Hello to all, this is my first question. I am trying to create training data for a neural network that will predict DNA binding sites of proteins. I have Ensembl data to fill in vectors that I dedicate to each nucleotide. Three sample rows from the data is below.
chrom txStart txEnd name score strand cdsStart cdsEnd score exonCount exonLengths exonPos
chr4 11051044 11076204 ENSMUST00000058183 0 - 11051096 11076176 0 9 181,57,102,134,103,57,123,100,225, 0,2387,7967,9816,11005,15606,19155,22099,24935,
chr3 121723536 121735052 ENSMUST00000029771 0 + 121723714 121734239 0 6 266,106,218,179,160,947, 0,1440,5800,7987,8844,10569,
chr5 44472132 44799707 ENSMUST00000070748 0 - 44473281 44799493 0 8 1380,152,124,84,123,173,103,346, 0,6960,8093,60528,62905,69554,197224,327229,
I am able to get some data from Ensembl data such as on which strand the nucleotide is or whether the nucleotide is in an exon.

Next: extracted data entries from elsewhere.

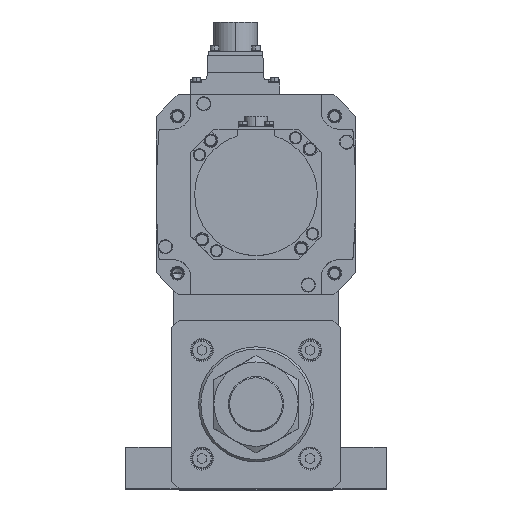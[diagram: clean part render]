
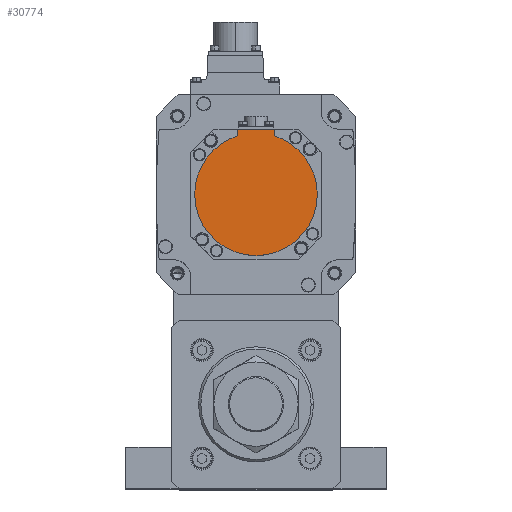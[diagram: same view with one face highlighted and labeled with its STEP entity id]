
A CAD part, top view. The second image highlights one B-rep face of the part: STEP entity #30774.
In plain terms, the highlighted planar face has unit normal (0, 0, 1) as drawn and (0, 0, -1) by its records, which use the part's own axes.
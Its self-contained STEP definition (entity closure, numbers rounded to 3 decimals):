
#79 = EDGE_CURVE ( 'NONE', #26553, #4458, #2350, .T. ) ;
#280 = DIRECTION ( 'NONE',  ( 0., 0., 1. ) ) ;
#2350 = LINE ( 'NONE', #21342, #14556 ) ;
#2543 = VECTOR ( 'NONE', #27047, 1000. ) ;
#2656 = CARTESIAN_POINT ( 'NONE',  ( 0., 0., -132.5 ) ) ;
#3113 = FACE_OUTER_BOUND ( 'NONE', #25577, .T. ) ;
#4328 = CIRCLE ( 'NONE', #15426, 40. ) ;
#4458 = VERTEX_POINT ( 'NONE', #19271 ) ;
#4629 = CARTESIAN_POINT ( 'NONE',  ( -12., -42.5, -132.5 ) ) ;
#6010 = CIRCLE ( 'NONE', #28814, 40. ) ;
#7136 = LINE ( 'NONE', #13627, #2543 ) ;
#7251 = PLANE ( 'NONE',  #27812 ) ;
#7498 = DIRECTION ( 'NONE',  ( 1., 0., 0. ) ) ;
#7722 = CARTESIAN_POINT ( 'NONE',  ( 0., -1.249, -132.5 ) ) ;
#7974 = ORIENTED_EDGE ( 'NONE', *, *, #29130, .F. ) ;
#8550 = CARTESIAN_POINT ( 'NONE',  ( 0., 0., -132.5 ) ) ;
#8570 = ORIENTED_EDGE ( 'NONE', *, *, #23140, .F. ) ;
#10863 = DIRECTION ( 'NONE',  ( 0., 1., 0. ) ) ;
#11101 = EDGE_CURVE ( 'NONE', #14054, #26553, #7136, .T. ) ;
#11124 = DIRECTION ( 'NONE',  ( 1., 0., 0. ) ) ;
#11775 = LINE ( 'NONE', #29629, #13450 ) ;
#11789 = ORIENTED_EDGE ( 'NONE', *, *, #13514, .F. ) ;
#13127 = ORIENTED_EDGE ( 'NONE', *, *, #79, .T. ) ;
#13450 = VECTOR ( 'NONE', #29753, 1000. ) ;
#13514 = EDGE_CURVE ( 'NONE', #33459, #32007, #21740, .T. ) ;
#13627 = CARTESIAN_POINT ( 'NONE',  ( 0., -42.5, -132.5 ) ) ;
#14054 = VERTEX_POINT ( 'NONE', #16268 ) ;
#14303 = DIRECTION ( 'NONE',  ( 1., 0., 0. ) ) ;
#14556 = VECTOR ( 'NONE', #10863, 1000. ) ;
#15331 = EDGE_CURVE ( 'NONE', #32007, #4458, #6010, .T. ) ;
#15426 = AXIS2_PLACEMENT_3D ( 'NONE', #2656, #280, #11124 ) ;
#16268 = CARTESIAN_POINT ( 'NONE',  ( 12., -42.5, -132.5 ) ) ;
#16604 = AXIS2_PLACEMENT_3D ( 'NONE', #8550, #30219, #14303 ) ;
#16781 = VERTEX_POINT ( 'NONE', #22328 ) ;
#18735 = DIRECTION ( 'NONE',  ( 0., 0., 1. ) ) ;
#19271 = CARTESIAN_POINT ( 'NONE',  ( -12., -38.158, -132.5 ) ) ;
#19434 = ORIENTED_EDGE ( 'NONE', *, *, #15331, .F. ) ;
#21342 = CARTESIAN_POINT ( 'NONE',  ( -12., -40.329, -132.5 ) ) ;
#21475 = DIRECTION ( 'NONE',  ( 1., 0., 0. ) ) ;
#21740 = CIRCLE ( 'NONE', #16604, 40. ) ;
#22328 = CARTESIAN_POINT ( 'NONE',  ( 12., -38.158, -132.5 ) ) ;
#23140 = EDGE_CURVE ( 'NONE', #16781, #33459, #4328, .T. ) ;
#25577 = EDGE_LOOP ( 'NONE', ( #13127, #19434, #11789, #8570, #7974, #28831 ) ) ;
#26214 = DIRECTION ( 'NONE',  ( 0., 0., 1. ) ) ;
#26553 = VERTEX_POINT ( 'NONE', #4629 ) ;
#26989 = CARTESIAN_POINT ( 'NONE',  ( 0., 0., -132.5 ) ) ;
#27047 = DIRECTION ( 'NONE',  ( -1., 0., 0. ) ) ;
#27812 = AXIS2_PLACEMENT_3D ( 'NONE', #7722, #26214, #7498 ) ;
#28408 = CARTESIAN_POINT ( 'NONE',  ( -40., 0., -132.5 ) ) ;
#28814 = AXIS2_PLACEMENT_3D ( 'NONE', #26989, #18735, #21475 ) ;
#28831 = ORIENTED_EDGE ( 'NONE', *, *, #11101, .T. ) ;
#28911 = CARTESIAN_POINT ( 'NONE',  ( 40., 0., -132.5 ) ) ;
#29130 = EDGE_CURVE ( 'NONE', #14054, #16781, #11775, .T. ) ;
#29629 = CARTESIAN_POINT ( 'NONE',  ( 12., -1.249, -132.5 ) ) ;
#29753 = DIRECTION ( 'NONE',  ( 0., 1., 0. ) ) ;
#30219 = DIRECTION ( 'NONE',  ( 0., 0., 1. ) ) ;
#30774 = ADVANCED_FACE ( 'NONE', ( #3113 ), #7251, .F. ) ;
#32007 = VERTEX_POINT ( 'NONE', #28408 ) ;
#33459 = VERTEX_POINT ( 'NONE', #28911 ) ;

I also want to indicate the type of nucleotide (A, T, C, G, N) in the vector dedicated to it; here I face a problem. In the Ensembl data, I have fractions of sequences but in the Fasta data I have all DNA sequenced. For the nucleotides that are not included in the Enseml data I will only place ATCGN information in their vectors, and for the ones in the Ensembl data I will place more features. How can I incorporate Ensembl and Fasta data to this end?